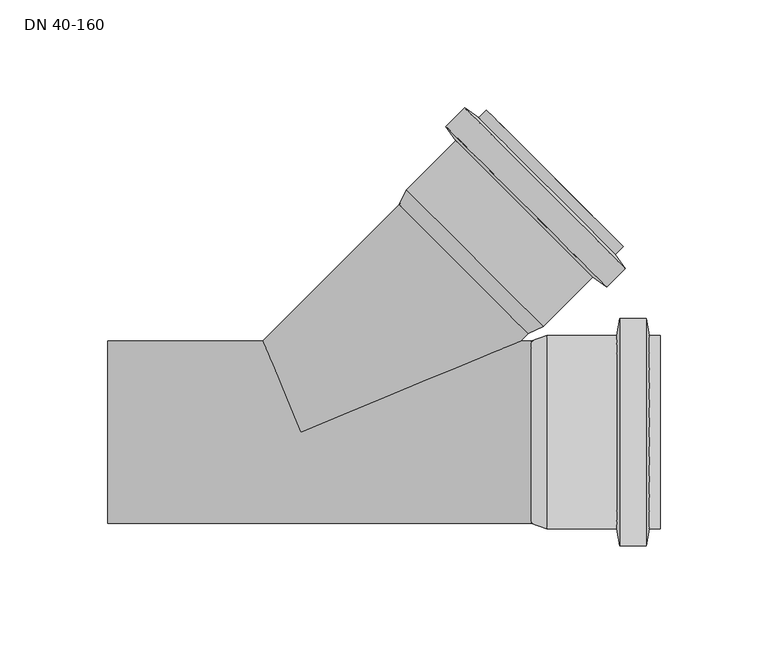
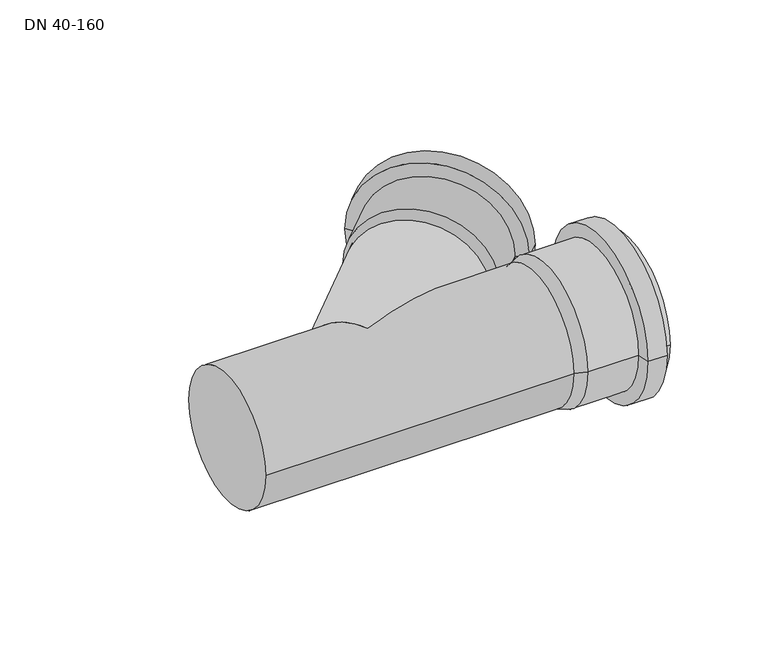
"""IFC4 building model written with IfcOpenShell, lengths in millimetres: pipe fitting geometry, ZZZ_Master 3+ trójnik-sh_Pipelife : DN 40-160."""

from ifc_helpers import new_model, si_unit, frame, origin, place, context, project, spatial, polyline, circle_curve, ellipse_curve, source, transform, mapped, element, save
from ifc_brep_helpers import plane_surface, cylinder_surface, revolved_surface, advanced_brep


def dn_40_160_6bd9d589(model_context):
    return source(origin(), model_context, "Body", "AdvancedBrep", [
        advanced_brep(
        [(106.9, 42.2, 0.0), (106.9, -42.2, 0.0), (166.5, -42.2, 0.0), (166.5, 42.2, 0.0), (114.0434413, 44.8, 0.0), (114.0434413, -44.8, 0.0), (146.4, 44.8, 0.0), (146.4, -44.8, 0.0), (147.788575, 52.675, 0.0), (147.788575, -52.675, 0.0), (160.011425, 52.675, 0.0), (160.011425, -52.675, 0.0), (161.4, 44.8, 0.0), (161.4, -44.8, 0.0), (166.5, 44.8, 0.0), (166.5, -44.8, 0.0)],
        [
            (0, 1, circle_curve(frame((106.9, 0.0, 0.0), z_axis=(-1.0, 0.0, 0.0), x_axis=(0.0, -1.0000000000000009, 0.0)), 42.2)),
            (1, 2),
            (2, 3, circle_curve(frame((166.5, 0.0, 0.0), z_axis=(1.0, 0.0, 0.0), x_axis=(0.0, -1.0000000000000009, 0.0)), 42.2)),
            (3, 0),
            (1, 0, circle_curve(frame((106.9, 0.0, 0.0), z_axis=(-1.0, 0.0, 0.0), x_axis=(0.0, -1.0000000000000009, 0.0)), 42.2)),
            (3, 2, circle_curve(frame((166.5, 0.0, 0.0), z_axis=(1.0, 0.0, 0.0), x_axis=(0.0, -1.0000000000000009, 0.0)), 42.2)),
            (4, 5, circle_curve(frame((114.0434413, 0.0, 0.0), z_axis=(-1.0, 0.0, 0.0), x_axis=(0.0, -1.0000000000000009, 0.0)), 44.8)),
            (5, 1),
            (0, 4),
            (5, 4, circle_curve(frame((114.0434413, 0.0, 0.0), z_axis=(-1.0, 0.0, 0.0), x_axis=(0.0, -1.0000000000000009, 0.0)), 44.8)),
            (6, 7, circle_curve(frame((146.4, 0.0, 0.0), z_axis=(-1.0, 0.0, 0.0), x_axis=(0.0, -1.0000000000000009, 0.0)), 44.8)),
            (7, 5),
            (4, 6),
            (7, 6, circle_curve(frame((146.4, 0.0, 0.0), z_axis=(-1.0, 0.0, 0.0), x_axis=(0.0, -1.0000000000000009, 0.0)), 44.8)),
            (8, 9, circle_curve(frame((147.788575, 0.0, 0.0), z_axis=(-1.0, 0.0, 0.0), x_axis=(0.0, -1.0000000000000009, 0.0)), 52.675)),
            (9, 7),
            (6, 8),
            (9, 8, circle_curve(frame((147.788575, 0.0, 0.0), z_axis=(-1.0, 0.0, 0.0), x_axis=(0.0, -1.0000000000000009, 0.0)), 52.675)),
            (10, 11, circle_curve(frame((160.011425, 0.0, 0.0), z_axis=(-1.0, 0.0, 0.0), x_axis=(0.0, -1.0000000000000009, 0.0)), 52.675)),
            (11, 9),
            (8, 10),
            (11, 10, circle_curve(frame((160.011425, 0.0, 0.0), z_axis=(-1.0, 0.0, 0.0), x_axis=(0.0, -1.0000000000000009, 0.0)), 52.675)),
            (12, 13, circle_curve(frame((161.4, 0.0, 0.0), z_axis=(-1.0, 0.0, 0.0), x_axis=(0.0, -1.0000000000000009, 0.0)), 44.8)),
            (13, 11),
            (10, 12),
            (13, 12, circle_curve(frame((161.4, 0.0, 0.0), z_axis=(-1.0, 0.0, 0.0), x_axis=(0.0, -1.0000000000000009, 0.0)), 44.8)),
            (14, 15, circle_curve(frame((166.5, 0.0, 0.0), z_axis=(-1.0, 0.0, 0.0), x_axis=(0.0, -1.0000000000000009, 0.0)), 44.8)),
            (15, 13),
            (12, 14),
            (15, 14, circle_curve(frame((166.5, 0.0, 0.0), z_axis=(-1.0, 0.0, 0.0), x_axis=(0.0, -1.0000000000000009, 0.0)), 44.8)),
            (2, 15),
            (14, 3),
        ],
        [
            revolved_surface(polyline([(166.5, -42.20000000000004, 0.0), (106.89999999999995, -42.20000000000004, 0.0)]), (176.5, 0.0, 0.0), (1.0000000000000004, 0.0, 0.0)),
            revolved_surface(polyline([(106.9, -42.2, 0.0), (114.0434413, -44.8, 0.0)]), (176.5, 0.0, 0.0), (1.0000000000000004, 0.0, 0.0)),
            cylinder_surface(frame((176.5, 0.0, 0.0), z_axis=(1.0000000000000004, 0.0, 0.0), x_axis=(0.0, -1.0000000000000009, 0.0)), 44.8),
            revolved_surface(polyline([(146.4, -44.8, 0.0), (147.788575, -52.675, 0.0)]), (176.5, 0.0, 0.0), (1.0000000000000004, 0.0, 0.0)),
            cylinder_surface(frame((176.5, 0.0, 0.0), z_axis=(1.0000000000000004, 0.0, 0.0), x_axis=(0.0, -1.0000000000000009, 0.0)), 52.675),
            revolved_surface(polyline([(160.011425, -52.675, 0.0), (161.4, -44.8, 0.0)]), (176.5, 0.0, 0.0), (1.0000000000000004, 0.0, 0.0)),
            plane_surface(frame((166.5, 0.0, 0.0), z_axis=(1.0, 0.0, 0.0), x_axis=(0.0, -1.0, 0.0))),
        ],
        [
            (0, [[1, 2, 3, 4]]),
            (0, [[5, -4, 6, -2]]),
            (1, [[7, 8, -1, 9]]),
            (1, [[10, -9, -5, -8]]),
            (2, [[11, 12, -7, 13]]),
            (2, [[14, -13, -10, -12]]),
            (3, [[15, 16, -11, 17]]),
            (3, [[18, -17, -14, -16]]),
            (4, [[19, 20, -15, 21]]),
            (4, [[22, -21, -18, -20]]),
            (5, [[23, 24, -19, 25]]),
            (5, [[26, -25, -22, -24]]),
            (2, [[27, 28, -23, 29]]),
            (2, [[30, -29, -26, -28]]),
            (6, [[-3, 31, -27, 32]]),
            (6, [[-6, -32, -30, -31]]),
        ],
    ),
        advanced_brep(
        [(45.7498087, 105.4296211, 0.0), (105.4296211, 45.7498087, 0.0), (147.5731852, 87.8933729, 0.0), (87.8933729, 147.5731852, 0.0), (48.9625069, 112.3192745, 0.0), (112.3192745, 48.9625069, 0.0), (71.842049, 135.1988166, 0.0), (135.1988166, 71.842049, 0.0), (67.2554538, 141.7491532, 0.0), (141.7491532, 67.2554538, 0.0), (75.898314, 150.3920134, 0.0), (150.3920134, 75.898314, 0.0), (82.4486507, 145.8054183, 0.0), (145.8054183, 82.4486507, 0.0), (86.0548953, 149.4116629, 0.0), (149.4116629, 86.0548953, 0.0)],
        [
            (0, 1, circle_curve(frame((75.5897149, 75.5897149, 0.0), z_axis=(-0.7071067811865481, -0.7071067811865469, 0.0), x_axis=(0.7071067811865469, -0.7071067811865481, 0.0)), 42.2)),
            (1, 2),
            (2, 3, circle_curve(frame((117.7332791, 117.7332791, 0.0), z_axis=(0.7071067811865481, 0.7071067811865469, 0.0), x_axis=(0.7071067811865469, -0.7071067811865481, 0.0)), 42.2)),
            (3, 0),
            (1, 0, circle_curve(frame((75.5897149, 75.5897149, 0.0), z_axis=(-0.7071067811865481, -0.7071067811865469, 0.0), x_axis=(0.7071067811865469, -0.7071067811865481, 0.0)), 42.2)),
            (3, 2, circle_curve(frame((117.7332791, 117.7332791, 0.0), z_axis=(0.7071067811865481, 0.7071067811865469, 0.0), x_axis=(0.7071067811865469, -0.7071067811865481, 0.0)), 42.2)),
            (4, 5, circle_curve(frame((80.6408907, 80.6408907, 0.0), z_axis=(-0.7071067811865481, -0.7071067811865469, 0.0), x_axis=(0.7071067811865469, -0.7071067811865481, 0.0)), 44.8)),
            (5, 1),
            (0, 4),
            (5, 4, circle_curve(frame((80.6408907, 80.6408907, 0.0), z_axis=(-0.7071067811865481, -0.7071067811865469, 0.0), x_axis=(0.7071067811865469, -0.7071067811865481, 0.0)), 44.8)),
            (6, 7, circle_curve(frame((103.5204328, 103.5204328, 0.0), z_axis=(-0.7071067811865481, -0.7071067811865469, 0.0), x_axis=(0.7071067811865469, -0.7071067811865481, 0.0)), 44.8)),
            (7, 5),
            (4, 6),
            (7, 6, circle_curve(frame((103.5204328, 103.5204328, 0.0), z_axis=(-0.7071067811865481, -0.7071067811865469, 0.0), x_axis=(0.7071067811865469, -0.7071067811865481, 0.0)), 44.8)),
            (8, 9, circle_curve(frame((104.5023035, 104.5023035, 0.0), z_axis=(-0.7071067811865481, -0.7071067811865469, 0.0), x_axis=(0.7071067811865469, -0.7071067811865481, 0.0)), 52.675)),
            (9, 7),
            (6, 8),
            (9, 8, circle_curve(frame((104.5023035, 104.5023035, 0.0), z_axis=(-0.7071067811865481, -0.7071067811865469, 0.0), x_axis=(0.7071067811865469, -0.7071067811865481, 0.0)), 52.675)),
            (10, 11, circle_curve(frame((113.1451637, 113.1451637, 0.0), z_axis=(-0.7071067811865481, -0.7071067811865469, 0.0), x_axis=(0.7071067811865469, -0.7071067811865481, 0.0)), 52.675)),
            (11, 9),
            (8, 10),
            (11, 10, circle_curve(frame((113.1451637, 113.1451637, 0.0), z_axis=(-0.7071067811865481, -0.7071067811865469, 0.0), x_axis=(0.7071067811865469, -0.7071067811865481, 0.0)), 52.675)),
            (12, 13, circle_curve(frame((114.1270345, 114.1270345, 0.0), z_axis=(-0.7071067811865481, -0.7071067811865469, 0.0), x_axis=(0.7071067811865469, -0.7071067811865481, 0.0)), 44.8)),
            (13, 11),
            (10, 12),
            (13, 12, circle_curve(frame((114.1270345, 114.1270345, 0.0), z_axis=(-0.7071067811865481, -0.7071067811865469, 0.0), x_axis=(0.7071067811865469, -0.7071067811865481, 0.0)), 44.8)),
            (14, 15, circle_curve(frame((117.7332791, 117.7332791, 0.0), z_axis=(-0.7071067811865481, -0.7071067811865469, 0.0), x_axis=(0.7071067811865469, -0.7071067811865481, 0.0)), 44.8)),
            (15, 13),
            (12, 14),
            (15, 14, circle_curve(frame((117.7332791, 117.7332791, 0.0), z_axis=(-0.7071067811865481, -0.7071067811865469, 0.0), x_axis=(0.7071067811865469, -0.7071067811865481, 0.0)), 44.8)),
            (2, 15),
            (14, 3),
        ],
        [
            revolved_surface(polyline([(147.57318526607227, 87.89337293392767, 0.0), (105.42962106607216, 45.74980873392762, 0.0)]), (124.8043469, 124.8043469, 0.0), (0.7071067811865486, 0.7071067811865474, 0.0)),
            revolved_surface(polyline([(105.4296211, 45.7498087, 0.0), (112.3192745, 48.9625069, 0.0)]), (124.8043469, 124.8043469, 0.0), (0.7071067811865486, 0.7071067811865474, 0.0)),
            cylinder_surface(frame((124.8043469, 124.8043469, 0.0), z_axis=(0.7071067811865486, 0.7071067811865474, 0.0), x_axis=(0.7071067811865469, -0.7071067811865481, 0.0)), 44.8),
            revolved_surface(polyline([(135.1988166, 71.842049, 0.0), (141.7491532, 67.2554538, 0.0)]), (124.8043469, 124.8043469, 0.0), (0.7071067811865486, 0.7071067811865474, 0.0)),
            cylinder_surface(frame((124.8043469, 124.8043469, 0.0), z_axis=(0.7071067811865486, 0.7071067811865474, 0.0), x_axis=(0.7071067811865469, -0.7071067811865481, 0.0)), 52.675),
            revolved_surface(polyline([(150.3920134, 75.898314, 0.0), (145.8054183, 82.4486507, 0.0)]), (124.8043469, 124.8043469, 0.0), (0.7071067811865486, 0.7071067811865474, 0.0)),
            plane_surface(frame((117.7332791, 117.7332791, 0.0), z_axis=(0.7071067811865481, 0.7071067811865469, 0.0), x_axis=(0.7071067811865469, -0.7071067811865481, 0.0))),
        ],
        [
            (0, [[1, 2, 3, 4]]),
            (0, [[5, -4, 6, -2]]),
            (1, [[7, 8, -1, 9]]),
            (1, [[10, -9, -5, -8]]),
            (2, [[11, 12, -7, 13]]),
            (2, [[14, -13, -10, -12]]),
            (3, [[15, 16, -11, 17]]),
            (3, [[18, -17, -14, -16]]),
            (4, [[19, 20, -15, 21]]),
            (4, [[22, -21, -18, -20]]),
            (5, [[23, 24, -19, 25]]),
            (5, [[26, -25, -22, -24]]),
            (2, [[27, 28, -23, 29]]),
            (2, [[30, -29, -26, -28]]),
            (6, [[-3, 31, -27, 32]]),
            (6, [[-6, -32, -30, -31]]),
        ],
    ),
        advanced_brep(
        [(-89.3, -42.2, 0.0), (-89.3, 42.2, 0.0), (106.9, -42.2, 0.0), (106.9, 0.0, 42.2), (106.9, 42.2, 0.0), (101.8798123, 42.2, 0.0), (0.0, 0.0, 42.2), (-17.4798123, 42.2, 0.0), (0.0, 0.0, -42.2), (106.9, 0.0, -42.2), (105.4296211, 45.7498087, 0.0), (45.7498087, 105.4296211, 0.0)],
        [
            (0, 1, circle_curve(frame((-89.3, 0.0, 0.0), z_axis=(-1.0, 0.0, 0.0), x_axis=(0.0, 1.0, 0.0)), 42.2)),
            (1, 0, circle_curve(frame((-89.3, 0.0, 0.0), z_axis=(-1.0, 0.0, 0.0), x_axis=(0.0, 1.0, 0.0)), 42.2)),
            (0, 2),
            (2, 3, circle_curve(frame((106.9, 0.0, 0.0), z_axis=(-1.0, 0.0, 0.0), x_axis=(0.0, 1.0, 0.0)), 42.2)),
            (3, 4, circle_curve(frame((106.9, 0.0, 0.0), z_axis=(-1.0, 0.0, 0.0), x_axis=(0.0, 1.0, 0.0)), 42.2)),
            (4, 5),
            (5, 6, ellipse_curve(frame((0.0, 0.0, 0.0), z_axis=(0.3826834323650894, -0.923879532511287, 0.0), x_axis=(-0.923879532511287, -0.38268343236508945, 0.0)), 110.2739142, 42.2)),
            (6, 7, ellipse_curve(frame((0.0, 0.0, 0.0), z_axis=(-0.923879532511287, -0.3826834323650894, 0.0), x_axis=(-0.3826834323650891, 0.9238795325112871, 0.0)), 45.6769509, 42.2)),
            (7, 1),
            (7, 8, ellipse_curve(frame((0.0, 0.0, 0.0), z_axis=(-0.923879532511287, -0.3826834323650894, 0.0), x_axis=(-0.3826834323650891, 0.9238795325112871, 0.0)), 45.6769509, 42.2)),
            (8, 5, ellipse_curve(frame((0.0, 0.0, 0.0), z_axis=(0.3826834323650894, -0.923879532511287, 0.0), x_axis=(-0.923879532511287, -0.38268343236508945, 0.0)), 110.2739142, 42.2)),
            (4, 9, circle_curve(frame((106.9, 0.0, 0.0), z_axis=(-1.0, 0.0, 0.0), x_axis=(0.0, 1.0, 0.0)), 42.2)),
            (9, 2, circle_curve(frame((106.9, 0.0, 0.0), z_axis=(-1.0, 0.0, 0.0), x_axis=(0.0, 1.0, 0.0)), 42.2)),
            (10, 11, circle_curve(frame((75.5897149, 75.5897149, 0.0), z_axis=(0.7071067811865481, 0.7071067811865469, 0.0), x_axis=(-0.7071067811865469, 0.7071067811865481, 0.0)), 42.2)),
            (11, 10, circle_curve(frame((75.5897149, 75.5897149, 0.0), z_axis=(0.7071067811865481, 0.7071067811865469, 0.0), x_axis=(-0.7071067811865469, 0.7071067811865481, 0.0)), 42.2)),
            (11, 7),
            (5, 10),
        ],
        [
            plane_surface(frame((-89.3, 0.0, 0.0), z_axis=(-1.0, 0.0, 0.0), x_axis=(0.0, 0.0, 1.0))),
            cylinder_surface(frame((-89.3, 0.0, 0.0), z_axis=(-1.0, 0.0, 0.0), x_axis=(0.0, 1.0, 0.0)), 42.2),
            plane_surface(frame((75.5897149, 75.5897149, 0.0), z_axis=(0.7071067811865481, 0.7071067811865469, 0.0), x_axis=(0.0, 0.0, 1.0))),
            cylinder_surface(frame((0.0, 0.0, 0.0), z_axis=(-0.7071067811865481, -0.7071067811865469, 0.0), x_axis=(-0.7071067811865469, 0.7071067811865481, 0.0)), 42.2),
            plane_surface(frame((106.9, 0.0, -42.2), z_axis=(1.0, 0.0, 0.0), x_axis=(0.0, -1.0, 0.0))),
        ],
        [
            (0, [[1, 2]]),
            (1, [[-1, 3, 4, 5, 6, 7, 8, 9]]),
            (1, [[-2, -9, 10, 11, -6, 12, 13, -3]]),
            (2, [[14, 15]]),
            (3, [[-15, 16, -8, -7, 17]]),
            (3, [[-14, -17, -11, -10, -16]]),
            (4, [[-4, -13, -12, -5]]),
        ],
    ),
    ])


if __name__ == "__main__":
    model = new_model("IFC4")
    model_context = context("Model", 3, world=origin())
    ifc_project = project(units=[si_unit("LENGTHUNIT", "METRE", prefix="MILLI")], contexts=[model_context])
    site = spatial("IfcSite", under=ifc_project)
    building = spatial("IfcBuilding", under=site)
    placement = place(None, origin())
    dn_40_160_shape = dn_40_160_6bd9d589(model_context)
    element("IfcPipeFitting", 1, ObjectType="ZZZ_Master 3+ trójnik-sh_Pipelife : DN 40-160", at=placement, inside=building, context=model_context, shape_type="MappedRepresentation", body=[
        mapped(dn_40_160_shape, transform((0.0, 0.0, 0.0), x_axis=(1.0, 0.0, 0.0), y_axis=(0.0, 1.0, 0.0), z_axis=(0.0, 0.0, 1.0))),
    ])
    save(model, "model.ifc")
================================
TASK OBJECTIVE
Going through the records above, count the lines that hold "placement" and answer with the count alone.

YOUR SOLUTION
2